**WORK TASK:**
In the records below, count every line containing "IfcBuildingElementProxy". Reply with the number only.

Top of SUPPLIED DATA

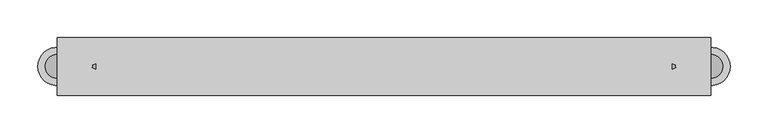
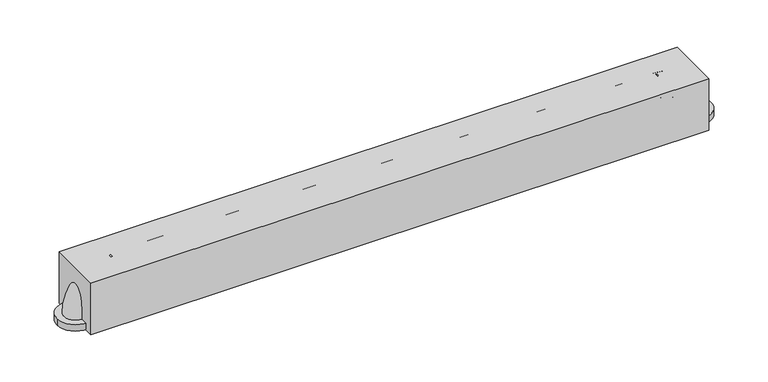
"""IFC4 building model written with IfcOpenShell, lengths in millimetres: proxy geometry, A5109 - Grab Bar, 1.25 in Dia, SS, 2 Wall, W-C Accessible : A5109 - Grab Bar, 1.25 in Dia, SS, 2 Wall, W-C Accessible."""

import ifcopenshell
import ifcopenshell.guid

model = None  # the IFC model being written
_history = None  # IfcOwnerHistory: only IFC2X3 demands one
_inside = {}  # id of a spatial element -> (the spatial element, [elements in it])
_under = {}  # id of a project, library or spatial element -> (it, [spatial elements below it])
_declared = {}  # id of a project -> (the project, [libraries it declares])
_typed = {}  # id of a type object -> (the type object, [elements of that type])
_made_of = {}  # id of a material, layer set ... -> (it, [elements and type objects made of it])


def new_model(schema):
    """Start an empty IFC model of exactly this schema.

    Asked for "IFC4X3", IfcOpenShell would pick the latest addendum, in which some entities
    have other attributes; the version numbers below select the first issue.
    IFC2X3 requires an IfcOwnerHistory on every rooted entity: one is made here for all.
    """
    global model, _history
    if schema == "IFC4X3":
        model = ifcopenshell.file(schema_version=(4, 3, 0, 0))
    else:
        model = ifcopenshell.file(schema=schema)
    _inside.clear()
    _under.clear()
    _declared.clear()
    _typed.clear()
    _made_of.clear()
    _history = None
    if model.schema == "IFC2X3":
        org = make("IfcOrganization", Name="unknown")
        user = make(
            "IfcPersonAndOrganization",
            ThePerson=make("IfcPerson", FamilyName="unknown"),
            TheOrganization=org,
        )
        app = make(
            "IfcApplication",
            ApplicationDeveloper=org,
            Version="unknown",
            ApplicationFullName="unknown",
            ApplicationIdentifier="unknown",
        )
        _history = make(
            "IfcOwnerHistory",
            OwningUser=user,
            OwningApplication=app,
            ChangeAction="ADDED",
            CreationDate=0,
        )
    return model


def make(cls, **values):
    """One entity of the class cls with the attributes given. An attribute that is None is left unset."""
    return model.create_entity(
        cls, **{name: value for name, value in values.items() if value is not None}
    )


def rooted(cls, **values):
    """An entity with a GlobalId (a new one), such as an element, a storey or a relation."""
    return make(cls, GlobalId=ifcopenshell.guid.new(), OwnerHistory=_history, **values)


def si_unit(unit_type, name, prefix=None):
    """IfcSIUnit, for example si_unit("LENGTHUNIT", "METRE", prefix="MILLI")."""
    return make("IfcSIUnit", UnitType=unit_type, Prefix=prefix, Name=name)


def assignment(units):
    """IfcUnitAssignment: the units of a project."""
    return None if units is None else make("IfcUnitAssignment", Units=units)


def point(xyz):
    """IfcCartesianPoint."""
    return None if xyz is None else make("IfcCartesianPoint", Coordinates=xyz)


def direction(xyz):
    """IfcDirection."""
    return None if xyz is None else make("IfcDirection", DirectionRatios=xyz)


def frame(location, z_axis=None, x_axis=None):
    """IfcAxis2Placement3D, a coordinate frame: its origin and axes. An axis left out is left unset."""
    return make(
        "IfcAxis2Placement3D",
        Location=point(location),
        Axis=direction(z_axis),
        RefDirection=direction(x_axis),
    )


def frame_2d(location, x_axis=None):
    """IfcAxis2Placement2D, a coordinate frame in the plane: its origin and x axis."""
    return make(
        "IfcAxis2Placement2D", Location=point(location), RefDirection=direction(x_axis)
    )


def origin():
    """The frame at (0, 0, 0) with its axes left unset."""
    return frame((0.0, 0.0, 0.0))


def origin_with_axes():
    """The frame at (0, 0, 0) with the z axis (0, 0, 1) and the x axis (1, 0, 0) written out."""
    return frame((0.0, 0.0, 0.0), z_axis=(0.0, 0.0, 1.0), x_axis=(1.0, 0.0, 0.0))


def place(relative_to, where):
    """IfcLocalPlacement: puts the frame where relative to a parent placement (None: the world)."""
    return make(
        "IfcLocalPlacement", PlacementRelTo=relative_to, RelativePlacement=where
    )


def context(
    kind, dimensions, precision=None, world=None, true_north=None, identifier=None
):
    """IfcGeometricRepresentationContext, for example the 3D "Model" context."""
    return make(
        "IfcGeometricRepresentationContext",
        ContextIdentifier=identifier,
        ContextType=kind,
        CoordinateSpaceDimension=dimensions,
        Precision=precision,
        WorldCoordinateSystem=world,
        TrueNorth=true_north,
    )


def project(units=None, contexts=None):
    """IfcProject with its units and contexts."""
    return rooted(
        "IfcProject",
        Name="project",
        RepresentationContexts=contexts,
        UnitsInContext=assignment(units),
    )


def spatial(cls, under=None, at=None, **own):
    """A site, building, storey or space (cls), placed at a placement, below another one or the project."""
    s = rooted(cls, ObjectPlacement=at, **own)
    if under is not None:
        _under.setdefault(under.id(), (under, []))[1].append(s)
    return s


def polyline(points):
    """IfcPolyline through the points."""
    return make("IfcPolyline", Points=[point(p) for p in points])


def circle_curve(where, radius):
    """IfcCircle in the frame where."""
    return make("IfcCircle", Position=where, Radius=radius)


def ellipse_curve(where, semi_axis1, semi_axis2):
    """IfcEllipse in the frame where."""
    return make(
        "IfcEllipse", Position=where, SemiAxis1=semi_axis1, SemiAxis2=semi_axis2
    )


def trimmed(basis, trim1, trim2, sense, master):
    """IfcTrimmedCurve: the piece of a basis curve between two trims."""
    return make(
        "IfcTrimmedCurve",
        BasisCurve=basis,
        Trim1=trim1,
        Trim2=trim2,
        SenseAgreement=sense,
        MasterRepresentation=master,
    )


def segment(curve, same_sense, transition):
    """IfcCompositeCurveSegment."""
    return make(
        "IfcCompositeCurveSegment",
        Transition=transition,
        SameSense=same_sense,
        ParentCurve=curve,
    )


def composite_curve(segments, self_intersect=None):
    """IfcCompositeCurve: segments joined end to end."""
    return make("IfcCompositeCurve", Segments=segments, SelfIntersect=self_intersect)


def outline(outer, holes=None, kind="AREA"):
    """IfcArbitraryClosedProfileDef: a profile drawn as a closed curve; with holes, ...WithVoids."""
    if holes is None:
        return make("IfcArbitraryClosedProfileDef", ProfileType=kind, OuterCurve=outer)
    return make(
        "IfcArbitraryProfileDefWithVoids",
        ProfileType=kind,
        OuterCurve=outer,
        InnerCurves=holes,
    )


def extrude(swept, where, along, depth):
    """IfcExtrudedAreaSolid: the profile swept, set in the frame where, extruded along a direction by depth."""
    return make(
        "IfcExtrudedAreaSolid",
        SweptArea=swept,
        Position=where,
        ExtrudedDirection=direction(along),
        Depth=depth,
    )


def shape(context_of_items, identifier, shape_type, items):
    """IfcShapeRepresentation: the items that make up one representation, for example the "Body"."""
    return make(
        "IfcShapeRepresentation",
        ContextOfItems=context_of_items,
        RepresentationIdentifier=identifier,
        RepresentationType=shape_type,
        Items=items,
    )


def source(mapping_origin, context_of_items, identifier, shape_type, items):
    """IfcRepresentationMap: a shape defined once, which mapped items show again and again."""
    return make(
        "IfcRepresentationMap",
        MappingOrigin=mapping_origin,
        MappedRepresentation=shape(context_of_items, identifier, shape_type, items),
    )


def transform(
    local_origin,
    x_axis=None,
    y_axis=None,
    z_axis=None,
    scale=None,
    scale2=None,
    scale3=None,
    uniform=True,
):
    """IfcCartesianTransformationOperator3D, or its non-uniform kind. x_axis, y_axis, z_axis: its Axis1, 2, 3."""
    if uniform:
        return make(
            "IfcCartesianTransformationOperator3D",
            Axis1=direction(x_axis),
            Axis2=direction(y_axis),
            LocalOrigin=point(local_origin),
            Scale=scale,
            Axis3=direction(z_axis),
        )
    return make(
        "IfcCartesianTransformationOperator3DnonUniform",
        Axis1=direction(x_axis),
        Axis2=direction(y_axis),
        LocalOrigin=point(local_origin),
        Scale=scale,
        Axis3=direction(z_axis),
        Scale2=scale2,
        Scale3=scale3,
    )


def mapped(mapping_source, mapping_target):
    """IfcMappedItem: shows the shape of a source again, moved by a transform."""
    return make(
        "IfcMappedItem", MappingSource=mapping_source, MappingTarget=mapping_target
    )


def made_of(thing, what):
    """Note that an element or type object is made of a material, layer set ...; save() writes the relation."""
    if what is not None:
        _made_of.setdefault(what.id(), (what, []))[1].append(thing)
    return thing


def element(
    cls,
    number,
    at=None,
    inside=None,
    cuts=None,
    type_object=None,
    material=None,
    context=None,
    identifier="Body",
    shape_type=None,
    held_by="IfcProductDefinitionShape",
    body=None,
    shapes=None,
    **own,
):
    """One element of the class cls, such as IfcWall. Its Tag is "e" and its number.

    at: its placement. inside: the storey or other place that contains it. cuts: it is an
    opening in that element (IfcRelVoidsElement). A single representation is given by context,
    identifier, shape_type and body (its items); several are given by shapes. held_by: the class
    of the entity that holds the representations. save() writes the other relations.
    """
    e = rooted(cls, Tag="e%d" % number, ObjectPlacement=at, **own)
    if body is not None:
        shapes = [shape(context, identifier, shape_type, body)]
    if shapes is not None:
        e.Representation = make(held_by, Representations=shapes)
    if inside is not None:
        _inside.setdefault(inside.id(), (inside, []))[1].append(e)
    if cuts is not None:
        rooted(
            "IfcRelVoidsElement", RelatingBuildingElement=cuts, RelatedOpeningElement=e
        )
    if type_object is not None:
        _typed.setdefault(type_object.id(), (type_object, []))[1].append(e)
    return made_of(e, material)


def aggregate(whole, parts):
    """IfcRelAggregates: a whole, such as a stair, and the parts it consists of."""
    return rooted("IfcRelAggregates", RelatingObject=whole, RelatedObjects=parts)


def save(model, path):
    """Write the relations noted so far, then the file.

    IfcRelAggregates (storeys below a building ...), IfcRelContainedInSpatialStructure (elements
    in a storey), IfcRelDefinesByType, IfcRelAssociatesMaterial and IfcRelDeclares: one each for
    every whole, place, type object, material and project.
    """
    for whole, parts in _under.values():
        aggregate(whole, parts)
    for where, things in _inside.values():
        rooted(
            "IfcRelContainedInSpatialStructure",
            RelatedElements=things,
            RelatingStructure=where,
        )
    for kind, things in _typed.values():
        rooted("IfcRelDefinesByType", RelatedObjects=things, RelatingType=kind)
    for what, things in _made_of.values():
        rooted("IfcRelAssociatesMaterial", RelatedObjects=things, RelatingMaterial=what)
    for by, libraries in _declared.values():
        rooted("IfcRelDeclares", RelatingContext=by, RelatedDefinitions=libraries)
    model.write(path)


def plane_surface(at):
    """IfcPlane: the flat surface through the origin of the frame at, square to its z axis."""
    return make("IfcPlane", Position=at)


def revolved_surface(curve, axis_point, axis_direction):
    """IfcSurfaceOfRevolution: the curve turned about the line through axis_point along axis_direction."""
    return make(
        "IfcSurfaceOfRevolution",
        SweptCurve=make("IfcArbitraryOpenProfileDef", ProfileType="CURVE", Curve=curve),
        AxisPosition=make("IfcAxis1Placement", Location=point(axis_point), Axis=direction(axis_direction)),
    )


def advanced_brep(points, edges, surfaces, faces):
    """IfcAdvancedBrep: a solid bounded by faces that lie on surfaces and meet in shared edges.

    An edge is (start, end): straight between two places in points (the first is 0);
    or (start, end, curve); or (start, end, curve, False) where it runs against its curve.
    A face is (place in surfaces, loops), or (place, loops, False) where it looks against
    its surface's normal. A loop lists edges by number (the first is 1), with a minus sign
    where the edge is run from its end to its start. The first loop is the outer one.
    """
    corners = [point(p) for p in points]
    vertices = [make("IfcVertexPoint", VertexGeometry=c) for c in corners]
    made = []
    for start, end, *more in edges:
        made.append(
            make(
                "IfcEdgeCurve",
                EdgeStart=vertices[start],
                EdgeEnd=vertices[end],
                EdgeGeometry=more[0] if more else make("IfcPolyline", Points=[corners[start], corners[end]]),
                SameSense=more[1] if len(more) > 1 else True,
            )
        )
    hull = []
    for where, loops, *sense in faces:
        bounds = []
        for j, loop in enumerate(loops):
            ring = [make("IfcOrientedEdge", EdgeElement=made[abs(k) - 1], Orientation=k > 0) for k in loop]
            bounds.append(
                make(
                    "IfcFaceOuterBound" if j == 0 else "IfcFaceBound",
                    Bound=make("IfcEdgeLoop", EdgeList=ring),
                    Orientation=True,
                )
            )
        hull.append(make("IfcAdvancedFace", Bounds=bounds, FaceSurface=surfaces[where], SameSense=sense[0] if sense else True))
    return make("IfcAdvancedBrep", Outer=make("IfcClosedShell", CfsFaces=hull))


def specialty_equipment_42bb13b5(model_context):
    return source(origin(), model_context, "Body", "SolidModel", [
        advanced_brep(
        [(381.0, -15.875, 60.325), (381.0, 15.875, 60.325), (431.8, -15.875, 9.525), (431.8, 15.875, 9.525)],
        [
            (0, 1, circle_curve(frame((381.0, 0.0, 60.325), z_axis=(-1.0, 0.0, 0.0), x_axis=(0.0, 1.0, 0.0)), 15.875)),
            (1, 0, circle_curve(frame((381.0, 0.0, 60.325), z_axis=(-1.0, 0.0, 0.0), x_axis=(0.0, 1.0, 0.0)), 15.875)),
            (2, 3, circle_curve(frame((431.8, 0.0, 9.525), z_axis=(0.0, 0.0, -1.0), x_axis=(0.0, 1.0, 0.0)), 15.875)),
            (3, 2, circle_curve(frame((431.8, 0.0, 9.525), z_axis=(0.0, 0.0, -1.0), x_axis=(0.0, 1.0, 0.0)), 15.875)),
            (3, 1, circle_curve(frame((381.0, 15.875, 9.525), z_axis=(0.0, -1.0, 0.0), x_axis=(0.0, 0.0, 1.0)), 50.8)),
            (0, 2, circle_curve(frame((381.0, -15.875, 9.525), z_axis=(0.0, 1.0, 0.0), x_axis=(0.0, 0.0, 1.0)), 50.8)),
        ],
        [
            plane_surface(frame((381.0, 0.0, 60.325), z_axis=(-1.0, 0.0, 0.0), x_axis=(0.0, 1.0, 0.0))),
            plane_surface(frame((431.8, 0.0, 9.525), z_axis=(0.0, 0.0, -1.0), x_axis=(0.0, 1.0, 0.0))),
            revolved_surface(trimmed(ellipse_curve(frame((381.0, 0.0, 60.325), z_axis=(-1.0, 0.0, 0.0), x_axis=(0.0, 1.0, 0.0)), 15.875, 15.875), [point((381.0, -15.875, 60.325))], [point((381.0, 15.875, 60.325))], True, "CARTESIAN"), (381.0, 0.0, 9.525), (0.0, 1.0, 0.0)),
            revolved_surface(trimmed(ellipse_curve(frame((381.0, 0.0, 60.325), z_axis=(-1.0, 0.0, 0.0), x_axis=(0.0, 1.0, 0.0)), 15.875, 15.875), [point((381.0, 15.875, 60.325))], [point((381.0, -15.875, 60.325))], True, "CARTESIAN"), (381.0, 0.0, 9.525), (0.0, 1.0, 0.0)),
        ],
        [
            (0, [[1, 2]]),
            (1, [[3, 4]]),
            (2, [[5, -1, 6, -4]]),
            (3, [[-6, -2, -5, -3]]),
        ],
    ),
        extrude(outline(composite_curve([segment(trimmed(circle_curve(frame_2d((431.8, 0.0)), 25.4), [point((457.2, 0.0))], [point((406.4, 0.0))], False, "CARTESIAN"), True, "CONTINUOUS"), segment(trimmed(circle_curve(frame_2d((431.8, 0.0)), 25.4), [point((406.4, 0.0))], [point((457.2, 0.0))], False, "CARTESIAN"), True, "CONTINUOUS")], self_intersect=False)), origin_with_axes(), (0.0, 0.0, 1.0), 9.525),
        advanced_brep(
        [(-381.0, -15.875, 60.325), (-381.0, 15.875, 60.325), (-431.8, -15.875, 9.525), (-431.8, 15.875, 9.525)],
        [
            (0, 1, circle_curve(frame((-381.0, 0.0, 60.325), z_axis=(1.0, 0.0, 0.0), x_axis=(0.0, 1.0, 0.0)), 15.875)),
            (1, 0, circle_curve(frame((-381.0, 0.0, 60.325), z_axis=(1.0, 0.0, 0.0), x_axis=(0.0, 1.0, 0.0)), 15.875)),
            (2, 3, circle_curve(frame((-431.8, 0.0, 9.525), z_axis=(0.0, 0.0, -1.0), x_axis=(0.0, 1.0, 0.0)), 15.875)),
            (3, 2, circle_curve(frame((-431.8, 0.0, 9.525), z_axis=(0.0, 0.0, -1.0), x_axis=(0.0, 1.0, 0.0)), 15.875)),
            (2, 0, circle_curve(frame((-381.0, -15.875, 9.525), z_axis=(0.0, 1.0, 0.0), x_axis=(0.0, 0.0, 1.0)), 50.8)),
            (1, 3, circle_curve(frame((-381.0, 15.875, 9.525), z_axis=(0.0, -1.0, 0.0), x_axis=(0.0, 0.0, 1.0)), 50.8)),
        ],
        [
            plane_surface(frame((-381.0, 0.0, 60.325), z_axis=(1.0, 0.0, 0.0), x_axis=(0.0, 1.0, 0.0))),
            plane_surface(frame((-431.8, 0.0, 9.525), z_axis=(0.0, 0.0, -1.0), x_axis=(0.0, 1.0, 0.0))),
            revolved_surface(trimmed(ellipse_curve(frame((-381.0, 0.0, 60.325), z_axis=(-1.0, 0.0, 0.0), x_axis=(0.0, 1.0, 0.0)), 15.875, 15.875), [point((-381.0, -15.875, 60.325))], [point((-381.0, 15.875, 60.325))], True, "CARTESIAN"), (-381.0, 0.0, 9.525), (0.0, 1.0, 0.0)),
            revolved_surface(trimmed(ellipse_curve(frame((-381.0, 0.0, 60.325), z_axis=(-1.0, 0.0, 0.0), x_axis=(0.0, 1.0, 0.0)), 15.875, 15.875), [point((-381.0, 15.875, 60.325))], [point((-381.0, -15.875, 60.325))], True, "CARTESIAN"), (-381.0, 0.0, 9.525), (0.0, 1.0, 0.0)),
        ],
        [
            (0, [[1, 2]]),
            (1, [[3, 4]]),
            (2, [[-3, 5, -2, 6]]),
            (3, [[-4, -6, -1, -5]]),
        ],
    ),
        extrude(outline(composite_curve([segment(trimmed(circle_curve(frame_2d((-431.8, 0.0)), 25.4), [point((-457.2, 0.0))], [point((-406.4, 0.0))], False, "CARTESIAN"), True, "CONTINUOUS"), segment(trimmed(circle_curve(frame_2d((-431.8, 0.0)), 25.4), [point((-406.4, 0.0))], [point((-457.2, 0.0))], False, "CARTESIAN"), True, "CONTINUOUS")], self_intersect=False)), origin_with_axes(), (0.0, 0.0, 1.0), 9.525),
        extrude(outline(polyline([(431.8, 38.1), (431.8, -38.1), (-431.8, -38.1), (-431.8, 38.1), (431.8, 38.1)])), origin_with_axes(), (0.0, 0.0, 1.0), 76.2),
        extrude(outline(composite_curve([segment(trimmed(circle_curve(frame_2d((0.0, 60.325)), 15.875), [point((15.875, 60.325))], [point((-15.875, 60.325))], False, "CARTESIAN"), True, "CONTINUOUS"), segment(trimmed(circle_curve(frame_2d((0.0, 60.325)), 15.875), [point((-15.875, 60.325))], [point((15.875, 60.325))], False, "CARTESIAN"), True, "CONTINUOUS")], self_intersect=False)), frame((-381.0, 0.0, 0.0), z_axis=(1.0, 0.0, 0.0), x_axis=(0.0, 1.0, 0.0)), (0.0, 0.0, 1.0), 762.0),
    ])


if __name__ == "__main__":
    model = new_model("IFC4")
    model_context = context("Model", 3, world=origin())
    ifc_project = project(units=[si_unit("LENGTHUNIT", "METRE", prefix="MILLI")], contexts=[model_context])
    site = spatial("IfcSite", under=ifc_project)
    building = spatial("IfcBuilding", under=site)
    placement = place(None, origin())
    specialty_equipment_shape = specialty_equipment_42bb13b5(model_context)
    element("IfcBuildingElementProxy", 1, Name="A5109 - Grab Bar, 1.25 in Dia, SS, 2 Wall, W-C Accessible : A5109 - Grab Bar, 1.25 in Dia, SS, 2 Wall, W-C Accessible", ObjectType="A5109 - Grab Bar, 1.25 in Dia, SS, 2 Wall, W-C Accessible : A5109 - Grab Bar, 1.25 in Dia, SS, 2 Wall, W-C Accessible", at=placement, inside=building, context=model_context, shape_type="MappedRepresentation", body=[
        mapped(specialty_equipment_shape, transform((0.0, 0.0, 0.0), x_axis=(1.0, 0.0, 0.0), y_axis=(0.0, 1.0, 0.0), z_axis=(0.0, 0.0, 1.0))),
    ])
    save(model, "model.ifc")

# Revit data of these elements
# Type "A5109 - Grab Bar, 1.25 in Dia, SS, 2 Wall, W-C Accessible : A5109 - Grab Bar, 1.25 in Dia, SS, 2 Wall, W-C Accessible"
#   Watts2 = "0"
#   Watts1 = "0"
#   Unit_Issue = "EA"
#   UTIL_6_Misc = "-"
#   UTIL_5_NonMedGas = "-"
#   UTIL_4_MiscGas = "-"
#   UTIL_3_MedGas = "-"
#   UTIL_2_Elec = "-"
#   UTIL_1_WaterDrain = "-"
#   Nomenclature = "Grab Bar, 1-1/4\" Dia., SS, 2 Wall, W/C Accessible"
#   NSN = "6530"
#   Location [instance default] = ""
#   JSN = "A5109"
#   Fund_Source_VA = "-"
#   Fund_Source_Navy = "-"
#   Fund_Source_Army = "-"
#   Fund_Source_AF = "-"
#   ELEC_Volts2 = "0"
#   ELEC_Volts1 = "0"
#   ELEC_Phase2 = "0"
#   ELEC_Phase1 = "0"
#   ELEC_HertzSwitch = "0"
#   ELEC_HertzDependent = "0"
#   ELEC_Hertz = "0"
#   ELEC_Amps2 = "0"
#   ELEC_Amps1 = "0"
#   DetailDescription = "A 1-1/4\" diameter, satin finish stainless steel, peened gripping surface, 2 wall toilet stall/ room, grab bar with concealed mounting flanges.  Snap over flanges are provided to conceal mounting screws. A selection of mounting kits and concealed anchor devices are available from the manufacturers for different types of installations. Grab bar shall comply with barrier-free accessibility guidelines for structural strength. For typical water closet applications in toilet stalls and rooms where ADA (American''s With Disabilities Act) requirements must be met."
#   CAT_VA = "A"
#   CAT_Navy = "A"
#   CAT_IHS = "-"
#   CAT_Army = "A"
#   CAT_AF = "A"
#   BTUperhour = "0"
#   Weight_IP = 7
#   Default Elevation = 2' - 9"
#   DIM_Width_IP = 4' - 9"
#   DIM_Height_IP = 0' - 3"
#   DIM_Depth_IP = 0' - 3"
#   CustomLength [instance default] = 2' - 0"
# Element 1 (IfcBuildingElementProxy, "A5109 - Grab Bar, 1.25 in Dia, SS, 2 Wall, W-C Accessible : A5109 - Grab Bar, 1.25 in Dia, SS, 2 Wall, W-C Accessible")
#   Location = "TLTS2"
#   CustomLength = 2' - 10"
#   Materials on its faces: "EquipSpace"
# Materials
#   "EquipSpace": class "Unassigned", colour RGB 221 217 195, transparency 0.5

Bottom of SUPPLIED DATA

**ANSWER TO THE PROBLEM:**
2